● Task instructions
Make an exact copy of the records below, excluding images.

Dataset records
━━━━
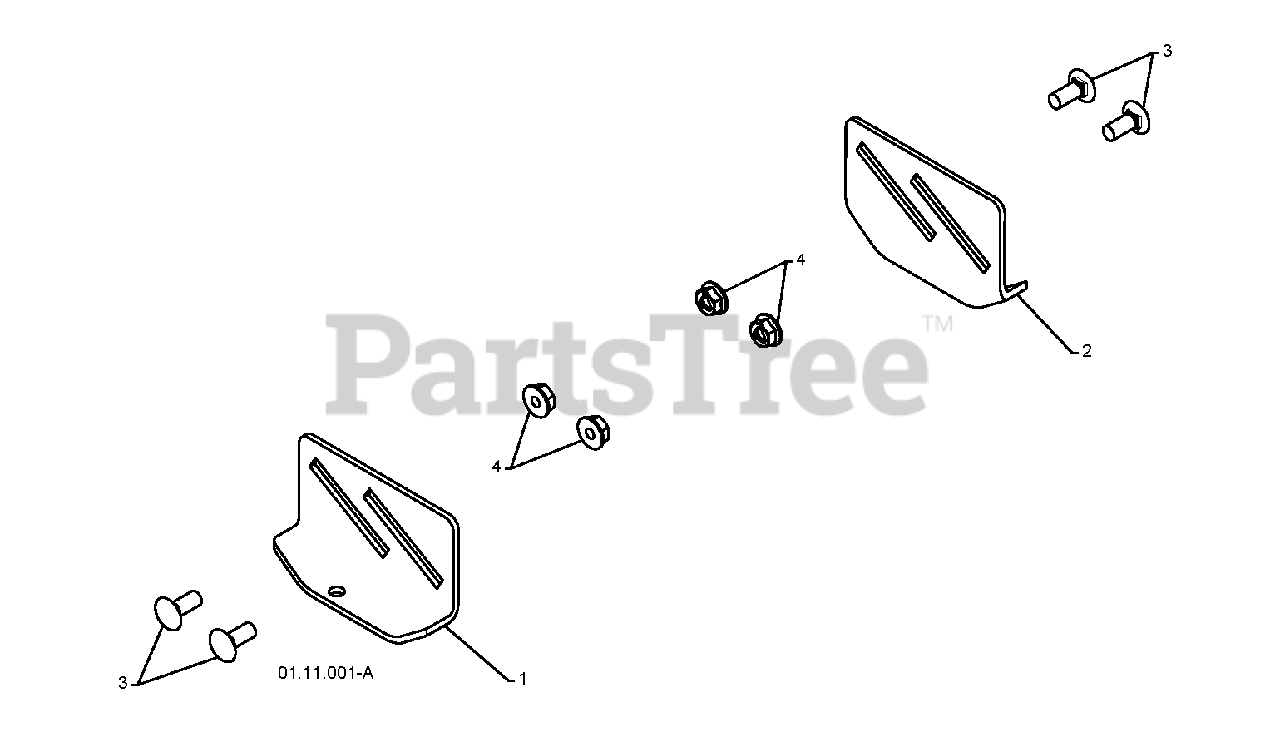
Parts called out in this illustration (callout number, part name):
1	SKID PLATE LH
2	SKID PLATE RH
4	NUT, LOCK 5/16-18
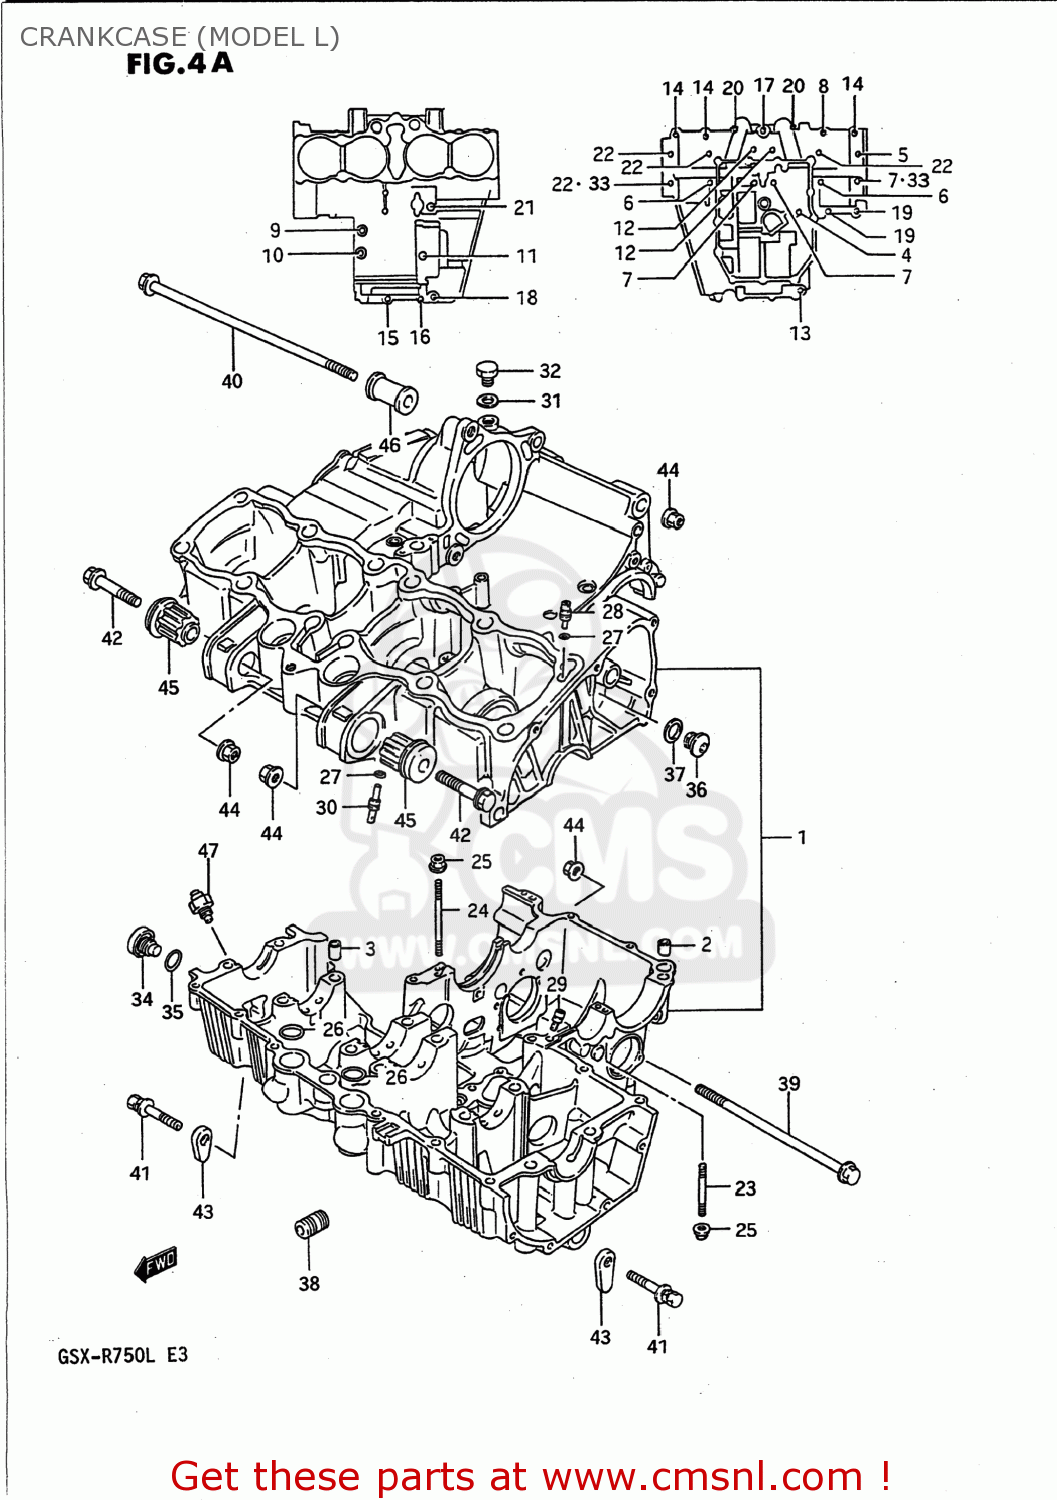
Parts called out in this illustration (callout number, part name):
1	CRANKCASE SET
2	PIN(10.4X13X22)
3	PIN (11X20)(SUS)
4	BOLT(6X105)
5	BOLT
6	BOLT(8X125)
7	BOLT 8X115
8	BOLT 6X35
9	BOLT
10	BOLT
11	BOLT
12	BOLT
13	BOLT 8X60
14	BOLT 6X35
15	BOLT
16	BOLT
17	BOLT 6X50
18	BOLT ,6X60
19	BOLT
20	BOLT
21	BOLT
22	BOLT
23	STUD BOLT
24	STUD BOLT
25	NUT
26	O RING(D:2.5,ID:21)
27	O RING(D:1.2,ID:4)
28	JET,AIR
29	JET
30	JET,OIL GALLERY
31	GASKET(12.1X16.2X3.7) (NAS)
32	PLUG(12X9)
33	GASKET(8.5X17X2.3) (NAS)
34	PLUG
35	O RING(D:2.4,ID:16.8)
36	PLUG
37	GASKET(14X19.2X2) (NAS)
38	UNION,OIL STAND
39	BOLT 10X150
40	BOLT(10X175)
41	BOLT
42	BOLT 10X55
43	NUT
44	NUT
45	BUSH,ENGINE MOUNTING
46	SPACER,ENGINE MOUNT
47	SWITCH ASSEMBLY
━━━━
● Exercise solution
Parts called out in this illustration (callout number, part name):
1	SKID PLATE LH
2	SKID PLATE RH
4	NUT, LOCK 5/16-18
Parts called out in this illustration (callout number, part name):
1	CRANKCASE SET
2	PIN(10.4X13X22)
3	PIN (11X20)(SUS)
4	BOLT(6X105)
5	BOLT
6	BOLT(8X125)
7	BOLT 8X115
8	BOLT 6X35
9	BOLT
10	BOLT
11	BOLT
12	BOLT
13	BOLT 8X60
14	BOLT 6X35
15	BOLT
16	BOLT
17	BOLT 6X50
18	BOLT ,6X60
19	BOLT
20	BOLT
21	BOLT
22	BOLT
23	STUD BOLT
24	STUD BOLT
25	NUT
26	O RING(D:2.5,ID:21)
27	O RING(D:1.2,ID:4)
28	JET,AIR
29	JET
30	JET,OIL GALLERY
31	GASKET(12.1X16.2X3.7) (NAS)
32	PLUG(12X9)
33	GASKET(8.5X17X2.3) (NAS)
34	PLUG
35	O RING(D:2.4,ID:16.8)
36	PLUG
37	GASKET(14X19.2X2) (NAS)
38	UNION,OIL STAND
39	BOLT 10X150
40	BOLT(10X175)
41	BOLT
42	BOLT 10X55
43	NUT
44	NUT
45	BUSH,ENGINE MOUNTING
46	SPACER,ENGINE MOUNT
47	SWITCH ASSEMBLY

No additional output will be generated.